## Recorded information
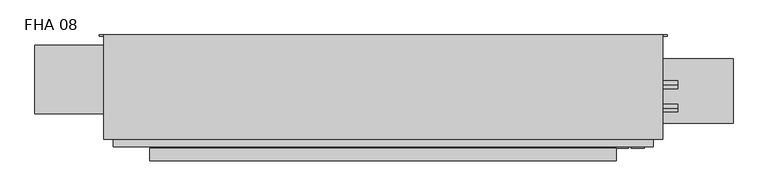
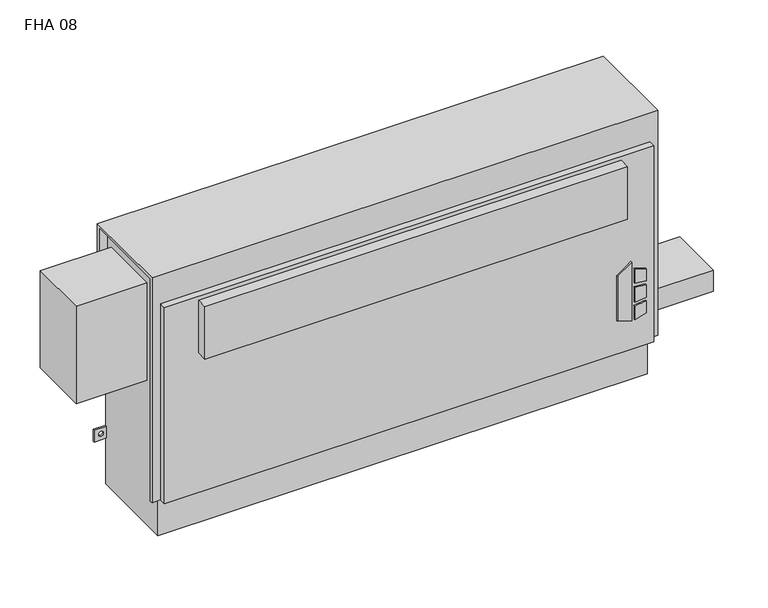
"""IFC4 building model written with IfcOpenShell, lengths in millimetres: proxy geometry, Vertical_Fan_Coil_Unit_-_FHA_-_IEC_-_2-Pipe_FS-FR_RH_2022 : FHA 08."""

from ifc_helpers import new_model, si_unit, point, frame, frame_2d, origin, place, context, project, spatial, polyline, circle_curve, trimmed, segment, composite_curve, outline, extrude, source, transform, mapped, element, save
from ifc_brep_helpers import plane_surface, revolved_surface, advanced_brep


def fha_08_7497d612(model_context):
    return source(origin(), model_context, "Body", "SolidModel", [
        extrude(outline(polyline([(172.5771459, 627.1368862), (162.6290756, 659.3102728), (304.8, 659.3102728), (281.7779939, 627.1368862), (172.5771459, 627.1368862)])), frame((0.0, 9.525, 0.0), z_axis=(0.0, 1.0, 0.0), x_axis=(0.0, 0.0, 1.0)), (0.0, 0.0, 1.0), 3.175),
        extrude(outline(polyline([(251.5764313, 666.0686058), (248.3740387, 692.15), (277.6028798, 692.15), (285.6672948, 666.0686058), (251.5764313, 666.0686058)])), frame((0.0, 9.525, 0.0), z_axis=(0.0, 1.0, 0.0), x_axis=(0.0, 0.0, 1.0)), (0.0, 0.0, 1.0), 3.175),
        extrude(outline(polyline([(199.7129044, 692.15), (196.0474034, 666.0686058), (162.6290756, 666.0686058), (171.2633128, 692.15), (199.7129044, 692.15)])), frame((0.0, 9.525, 0.0), z_axis=(0.0, 1.0, 0.0), x_axis=(0.0, 0.0, 1.0)), (0.0, 0.0, 1.0), 3.175),
        extrude(outline(polyline([(239.0280658, 692.15), (241.3098921, 666.0686058), (205.3723436, 666.0686058), (208.1136086, 692.15), (239.0280658, 692.15)])), frame((0.0, 9.525, 0.0), z_axis=(0.0, 1.0, 0.0), x_axis=(0.0, 0.0, 1.0)), (0.0, 0.0, 1.0), 3.175),
        extrude(outline(composite_curve([segment(trimmed(circle_curve(frame_2d((774.7, 128.5875)), 9.525), [point((765.175, 128.5875))], [point((784.225, 128.5875))], False, "CARTESIAN"), True, "CONTINUOUS"), segment(trimmed(circle_curve(frame_2d((774.7, 128.5875)), 9.525), [point((784.225, 128.5875))], [point((765.175, 128.5875))], False, "CARTESIAN"), True, "CONTINUOUS")], self_intersect=False)), frame((0.0, 0.0, 101.6), z_axis=(0.0, 0.0, 1.0), x_axis=(1.0, 0.0, 0.0)), (0.0, 0.0, 1.0), 25.4),
        extrude(outline(polyline([(876.3, 195.2625), (876.3, 61.9125), (711.2, 61.9125), (711.2, 195.2625), (876.3, 195.2625)])), frame((0.0, 0.0, 127.0), z_axis=(0.0, 0.0, 1.0), x_axis=(1.0, 0.0, 0.0)), (0.0, 0.0, 1.0), 50.8),
        extrude(outline(polyline([(635.0, -15.875), (-330.2, -15.875), (-330.2, 9.525), (635.0, 9.525), (635.0, -15.875)])), frame((0.0, 0.0, 431.8), z_axis=(0.0, 0.0, 1.0), x_axis=(1.0, 0.0, 0.0)), (0.0, 0.0, 1.0), 127.0),
        extrude(outline(composite_curve([segment(trimmed(circle_curve(frame_2d((93.1926, 488.0102)), 7.9375), [point((93.1926, 480.0727))], [point((93.1926, 495.9477))], False, "CARTESIAN"), True, "CONTINUOUS"), segment(trimmed(circle_curve(frame_2d((93.1926, 488.0102)), 7.9375), [point((93.1926, 495.9477))], [point((93.1926, 480.0727))], False, "CARTESIAN"), True, "CONTINUOUS")], self_intersect=False)), frame((711.2, 0.0, 0.0), z_axis=(1.0, 0.0, 0.0), x_axis=(0.0, 1.0, 0.0)), (0.0, 0.0, 1.0), 50.8),
        extrude(outline(composite_curve([segment(trimmed(circle_curve(frame_2d((141.3002, 461.3402)), 7.9375), [point((141.3002, 453.4027))], [point((141.3002, 469.2777))], False, "CARTESIAN"), True, "CONTINUOUS"), segment(trimmed(circle_curve(frame_2d((141.3002, 461.3402)), 7.9375), [point((141.3002, 469.2777))], [point((141.3002, 453.4027))], False, "CARTESIAN"), True, "CONTINUOUS")], self_intersect=False)), frame((711.2, 0.0, 0.0), z_axis=(1.0, 0.0, 0.0), x_axis=(0.0, 1.0, 0.0)), (0.0, 0.0, 1.0), 50.8),
        extrude(outline(polyline([(-406.4, 223.266), (-406.4, 81.534), (-568.325, 81.534), (-568.325, 223.266), (-406.4, 223.266)])), frame((0.0, 0.0, 349.25), z_axis=(0.0, 0.0, 1.0), x_axis=(1.0, 0.0, 0.0)), (0.0, 0.0, 1.0), 234.95),
        advanced_brep(
        [(730.25, 244.475, 635.0), (-425.45, 244.475, 635.0), (-425.45, 28.575, 635.0), (730.25, 28.575, 635.0), (-406.4, 244.475, 0.0), (711.2, 244.475, 0.0), (711.2, 38.1, 0.0), (-406.4, 38.1, 0.0), (730.25, 244.475, 558.8), (711.2, 244.475, 558.8), (711.2, 244.475, 414.3375), (739.775, 244.475, 414.3375), (739.775, 244.475, 385.7625), (711.2, 244.475, 385.7625), (711.2, 244.475, 287.3375), (739.775, 244.475, 287.3375), (739.775, 244.475, 258.7625), (711.2, 244.475, 258.7625), (711.2, 244.475, 141.2875), (739.775, 244.475, 141.2875), (739.775, 244.475, 112.7125), (711.2, 244.475, 112.7125), (-406.4, 244.475, 112.7125), (-434.975, 244.475, 112.7125), (-434.975, 244.475, 141.2875), (-406.4, 244.475, 141.2875), (-406.4, 244.475, 258.7625), (-434.975, 244.475, 258.7625), (-434.975, 244.475, 287.3375), (-406.4, 244.475, 287.3375), (-406.4, 244.475, 385.7625), (-434.975, 244.475, 385.7625), (-434.975, 244.475, 414.3375), (-406.4, 244.475, 414.3375), (-406.4, 244.475, 558.8), (-425.45, 244.475, 558.8), (729.4626, 244.475, 127.0), (718.3374, 244.475, 127.0), (-413.5374, 244.475, 127.0), (-424.6626, 244.475, 127.0), (729.4626, 244.475, 273.05), (718.3374, 244.475, 273.05), (-413.5374, 244.475, 273.05), (-424.6626, 244.475, 273.05), (729.4626, 244.475, 400.05), (718.3374, 244.475, 400.05), (-413.5374, 244.475, 400.05), (-424.6626, 244.475, 400.05), (-425.45, 238.125, 558.8), (-425.45, 238.125, 628.65), (-425.45, 34.925, 628.65), (-425.45, 34.925, 92.075), (-425.45, 28.575, 92.075), (711.2, 12.7, 565.15), (-406.4, 12.7, 565.15), (-406.4, 12.7, 92.075), (711.2, 12.7, 92.075), (730.25, 28.575, 92.075), (730.25, 34.925, 92.075), (730.25, 34.925, 628.65), (730.25, 238.125, 628.65), (730.25, 238.125, 558.8), (-406.4, 28.575, 92.075), (-406.4, 28.575, 565.15), (711.2, 28.575, 565.15), (711.2, 28.575, 92.075), (-406.4, 34.925, 92.075), (-406.4, 38.1, 92.075), (711.2, 38.1, 92.075), (711.2, 34.925, 92.075), (711.2, 241.3, 112.7125), (711.2, 241.3, 141.2875), (711.2, 241.3, 258.7625), (711.2, 241.3, 287.3375), (711.2, 241.3, 385.7625), (711.2, 241.3, 414.3375), (711.2, 238.125, 558.8), (711.2, 238.125, 628.65), (711.2, 34.925, 628.65), (-406.4, 34.925, 628.65), (-406.4, 238.125, 628.65), (-406.4, 238.125, 558.8), (-406.4, 241.3, 414.3375), (-406.4, 241.3, 385.7625), (-406.4, 241.3, 287.3375), (-406.4, 241.3, 258.7625), (-406.4, 241.3, 141.2875), (-406.4, 241.3, 112.7125), (739.775, 241.3, 112.7125), (739.775, 241.3, 141.2875), (718.3374, 241.3, 127.0), (729.4626, 241.3, 127.0), (739.775, 241.3, 258.7625), (739.775, 241.3, 287.3375), (718.3374, 241.3, 273.05), (729.4626, 241.3, 273.05), (739.775, 241.3, 385.7625), (739.775, 241.3, 414.3375), (718.3374, 241.3, 400.05), (729.4626, 241.3, 400.05), (-434.975, 241.3, 141.2875), (-434.975, 241.3, 112.7125), (-424.6626, 241.3, 127.0), (-413.5374, 241.3, 127.0), (-434.975, 241.3, 287.3375), (-434.975, 241.3, 258.7625), (-424.6626, 241.3, 273.05), (-413.5374, 241.3, 273.05), (-434.975, 241.3, 414.3375), (-434.975, 241.3, 385.7625), (-424.6626, 241.3, 400.05), (-413.5374, 241.3, 400.05)],
        [
            (0, 1),
            (1, 2),
            (2, 3),
            (3, 0),
            (4, 5),
            (5, 6),
            (6, 7),
            (7, 4),
            (0, 8),
            (8, 9),
            (9, 10),
            (10, 11),
            (11, 12),
            (12, 13),
            (13, 14),
            (14, 15),
            (15, 16),
            (16, 17),
            (17, 18),
            (18, 19),
            (19, 20),
            (20, 21),
            (21, 5),
            (4, 22),
            (22, 23),
            (23, 24),
            (24, 25),
            (25, 26),
            (26, 27),
            (27, 28),
            (28, 29),
            (29, 30),
            (30, 31),
            (31, 32),
            (32, 33),
            (33, 34),
            (34, 35),
            (35, 1),
            (36, 37, circle_curve(frame((723.9, 244.475, 127.0), z_axis=(0.0, -1.0, 0.0), x_axis=(-1.0, 0.0, 0.0)), 5.5626)),
            (37, 36, circle_curve(frame((723.9, 244.475, 127.0), z_axis=(0.0, -1.0, 0.0), x_axis=(-1.0, 0.0, 0.0)), 5.5626)),
            (38, 39, circle_curve(frame((-419.1, 244.475, 127.0), z_axis=(0.0, -1.0, 0.0), x_axis=(-1.0, 0.0, 0.0)), 5.5626)),
            (39, 38, circle_curve(frame((-419.1, 244.475, 127.0), z_axis=(0.0, -1.0, 0.0), x_axis=(-1.0, 0.0, 0.0)), 5.5626)),
            (40, 41, circle_curve(frame((723.9, 244.475, 273.05), z_axis=(0.0, -1.0, 0.0), x_axis=(-1.0, 0.0, 0.0)), 5.5626)),
            (41, 40, circle_curve(frame((723.9, 244.475, 273.05), z_axis=(0.0, -1.0, 0.0), x_axis=(-1.0, 0.0, 0.0)), 5.5626)),
            (42, 43, circle_curve(frame((-419.1, 244.475, 273.05), z_axis=(0.0, -1.0, 0.0), x_axis=(-1.0, 0.0, 0.0)), 5.5626)),
            (43, 42, circle_curve(frame((-419.1, 244.475, 273.05), z_axis=(0.0, -1.0, 0.0), x_axis=(-1.0, 0.0, 0.0)), 5.5626)),
            (44, 45, circle_curve(frame((723.9, 244.475, 400.05), z_axis=(0.0, -1.0, 0.0), x_axis=(-1.0, 0.0, 0.0)), 5.5626)),
            (45, 44, circle_curve(frame((723.9, 244.475, 400.05), z_axis=(0.0, -1.0, 0.0), x_axis=(-1.0, 0.0, 0.0)), 5.5626)),
            (46, 47, circle_curve(frame((-419.1, 244.475, 400.05), z_axis=(0.0, -1.0, 0.0), x_axis=(-1.0, 0.0, 0.0)), 5.5626)),
            (47, 46, circle_curve(frame((-419.1, 244.475, 400.05), z_axis=(0.0, -1.0, 0.0), x_axis=(-1.0, 0.0, 0.0)), 5.5626)),
            (35, 48),
            (48, 49),
            (49, 50),
            (50, 51),
            (51, 52),
            (52, 2),
            (53, 54),
            (54, 55),
            (55, 56),
            (56, 53),
            (3, 57),
            (57, 58),
            (58, 59),
            (59, 60),
            (60, 61),
            (61, 8),
            (52, 62),
            (62, 63),
            (63, 64),
            (64, 65),
            (65, 57),
            (53, 64),
            (63, 54),
            (55, 62),
            (51, 66),
            (66, 67),
            (67, 68),
            (68, 69),
            (69, 58),
            (65, 56),
            (6, 68),
            (67, 7),
            (21, 70),
            (70, 71),
            (71, 18),
            (17, 72),
            (72, 73),
            (73, 14),
            (13, 74),
            (74, 75),
            (75, 10),
            (9, 76),
            (76, 77),
            (77, 78),
            (78, 69),
            (66, 79),
            (79, 80),
            (80, 81),
            (81, 34),
            (33, 82),
            (82, 83),
            (83, 30),
            (29, 84),
            (84, 85),
            (85, 26),
            (25, 86),
            (86, 87),
            (87, 22),
            (76, 61),
            (60, 77),
            (78, 59),
            (50, 79),
            (81, 48),
            (80, 49),
            (70, 88),
            (88, 89),
            (89, 71),
            (90, 91, circle_curve(frame((723.9, 241.3, 127.0), z_axis=(0.0, 1.0, 0.0), x_axis=(-1.0, 0.0, 0.0)), 5.5626)),
            (91, 90, circle_curve(frame((723.9, 241.3, 127.0), z_axis=(0.0, 1.0, 0.0), x_axis=(-1.0, 0.0, 0.0)), 5.5626)),
            (92, 93),
            (93, 73),
            (72, 92),
            (94, 95, circle_curve(frame((723.9, 241.3, 273.05), z_axis=(0.0, 1.0, 0.0), x_axis=(-1.0, 0.0, 0.0)), 5.5626)),
            (95, 94, circle_curve(frame((723.9, 241.3, 273.05), z_axis=(0.0, 1.0, 0.0), x_axis=(-1.0, 0.0, 0.0)), 5.5626)),
            (96, 97),
            (97, 75),
            (74, 96),
            (98, 99, circle_curve(frame((723.9, 241.3, 400.05), z_axis=(0.0, 1.0, 0.0), x_axis=(-1.0, 0.0, 0.0)), 5.5626)),
            (99, 98, circle_curve(frame((723.9, 241.3, 400.05), z_axis=(0.0, 1.0, 0.0), x_axis=(-1.0, 0.0, 0.0)), 5.5626)),
            (100, 101),
            (101, 87),
            (86, 100),
            (102, 103, circle_curve(frame((-419.1, 241.3, 127.0), z_axis=(0.0, 1.0, 0.0), x_axis=(-1.0, 0.0, 0.0)), 5.5626)),
            (103, 102, circle_curve(frame((-419.1, 241.3, 127.0), z_axis=(0.0, 1.0, 0.0), x_axis=(-1.0, 0.0, 0.0)), 5.5626)),
            (84, 104),
            (104, 105),
            (105, 85),
            (106, 107, circle_curve(frame((-419.1, 241.3, 273.05), z_axis=(0.0, 1.0, 0.0), x_axis=(-1.0, 0.0, 0.0)), 5.5626)),
            (107, 106, circle_curve(frame((-419.1, 241.3, 273.05), z_axis=(0.0, 1.0, 0.0), x_axis=(-1.0, 0.0, 0.0)), 5.5626)),
            (108, 109),
            (109, 83),
            (82, 108),
            (110, 111, circle_curve(frame((-419.1, 241.3, 400.05), z_axis=(0.0, 1.0, 0.0), x_axis=(-1.0, 0.0, 0.0)), 5.5626)),
            (111, 110, circle_curve(frame((-419.1, 241.3, 400.05), z_axis=(0.0, 1.0, 0.0), x_axis=(-1.0, 0.0, 0.0)), 5.5626)),
            (89, 19),
            (88, 20),
            (16, 92),
            (93, 15),
            (12, 96),
            (97, 11),
            (24, 100),
            (101, 23),
            (105, 27),
            (104, 28),
            (32, 108),
            (109, 31),
            (90, 37),
            (36, 91),
            (102, 39),
            (38, 103),
            (94, 41),
            (40, 95),
            (106, 43),
            (42, 107),
            (98, 45),
            (44, 99),
            (110, 47),
            (46, 111),
        ],
        [
            plane_surface(frame((-425.45, 244.475, 635.0), z_axis=(0.0, 0.0, 1.0), x_axis=(-1.0, 0.0, 0.0))),
            plane_surface(frame((-425.45, 244.475, 0.0), z_axis=(0.0, 0.0, -1.0), x_axis=(1.0, 0.0, 0.0))),
            plane_surface(frame((730.25, 244.475, 635.0), z_axis=(0.0, 1.0, 0.0), x_axis=(0.0, 0.0, -1.0))),
            plane_surface(frame((-425.45, 244.475, 635.0), z_axis=(-1.0, 0.0, 0.0), x_axis=(0.0, 0.0, -1.0))),
            plane_surface(frame((-425.45, 12.7, 635.0), z_axis=(0.0, -1.0, 0.0), x_axis=(0.0, 0.0, -1.0))),
            plane_surface(frame((730.25, 12.7, 635.0), z_axis=(1.0, 0.0, 0.0), x_axis=(0.0, 0.0, -1.0))),
            plane_surface(frame((-704.85, 28.575, 635.0), z_axis=(0.0, -1.0, 0.0), x_axis=(1.0, 0.0, 0.0))),
            plane_surface(frame((-704.85, 28.575, 565.15), z_axis=(0.0, 0.0, 1.0), x_axis=(1.0, 0.0, 0.0))),
            plane_surface(frame((-425.45, 12.7, 92.075), z_axis=(0.0, 0.0, -1.0), x_axis=(1.0, 0.0, 0.0))),
            plane_surface(frame((-425.45, 38.1, 92.075), z_axis=(0.0, -1.0, 0.0), x_axis=(1.0, 0.0, 0.0))),
            plane_surface(frame((711.2, 28.575, 92.075), z_axis=(1.0, 0.0, 0.0), x_axis=(0.0, -1.0, 0.0))),
            plane_surface(frame((-406.4, 28.575, 565.15), z_axis=(-1.0, 0.0, 0.0), x_axis=(0.0, -1.0, 0.0))),
            plane_surface(frame((711.2, 244.475, 0.0), z_axis=(1.0, 0.0, 0.0), x_axis=(0.0, -1.0, 0.0))),
            plane_surface(frame((-406.4, 244.475, 92.075), z_axis=(-1.0, 0.0, 0.0), x_axis=(0.0, -1.0, 0.0))),
            plane_surface(frame((711.2, 238.125, 628.65), z_axis=(0.0, -1.0, 0.0), x_axis=(1.0, 0.0, 0.0))),
            plane_surface(frame((711.2, 238.125, 558.8), z_axis=(0.0, 0.0, -1.0), x_axis=(1.0, 0.0, 0.0))),
            plane_surface(frame((711.2, 34.925, 92.075), z_axis=(0.0, 1.0, 0.0), x_axis=(1.0, 0.0, 0.0))),
            plane_surface(frame((711.2, 34.925, 628.65), z_axis=(0.0, 0.0, -1.0), x_axis=(1.0, 0.0, 0.0))),
            plane_surface(frame((-406.4, 34.925, 628.65), z_axis=(0.0, 1.0, 0.0), x_axis=(-1.0, 0.0, 0.0))),
            plane_surface(frame((-406.4, 244.475, 558.8), z_axis=(0.0, 0.0, -1.0), x_axis=(-1.0, 0.0, 0.0))),
            plane_surface(frame((-406.4, 238.125, 558.8), z_axis=(0.0, -1.0, 0.0), x_axis=(-1.0, 0.0, 0.0))),
            plane_surface(frame((-406.4, 238.125, 628.65), z_axis=(0.0, 0.0, -1.0), x_axis=(-1.0, 0.0, 0.0))),
            plane_surface(frame((739.775, 241.3, 141.2875), z_axis=(0.0, -1.0, 0.0), x_axis=(-1.0, 0.0, 0.0))),
            plane_surface(frame((711.2, 244.475, 141.2875), z_axis=(0.0, 0.0, 1.0), x_axis=(0.0, -1.0, 0.0))),
            plane_surface(frame((739.775, 244.475, 141.2875), z_axis=(1.0, 0.0, 0.0), x_axis=(0.0, -1.0, 0.0))),
            plane_surface(frame((739.775, 244.475, 112.7125), z_axis=(0.0, 0.0, -1.0), x_axis=(0.0, -1.0, 0.0))),
            plane_surface(frame((739.775, 244.475, 258.7625), z_axis=(0.0, 0.0, -1.0), x_axis=(0.0, -1.0, 0.0))),
            plane_surface(frame((711.2, 244.475, 287.3375), z_axis=(0.0, 0.0, 1.0), x_axis=(0.0, -1.0, 0.0))),
            plane_surface(frame((739.775, 244.475, 287.3375), z_axis=(1.0, 0.0, 0.0), x_axis=(0.0, -1.0, 0.0))),
            plane_surface(frame((739.775, 244.475, 385.7625), z_axis=(0.0, 0.0, -1.0), x_axis=(0.0, -1.0, 0.0))),
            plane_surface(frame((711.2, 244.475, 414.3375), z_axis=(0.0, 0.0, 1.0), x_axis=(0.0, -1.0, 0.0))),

## Work request
Reply with one number, the count of lines in the data that contain "import".

## Solution for this problem
2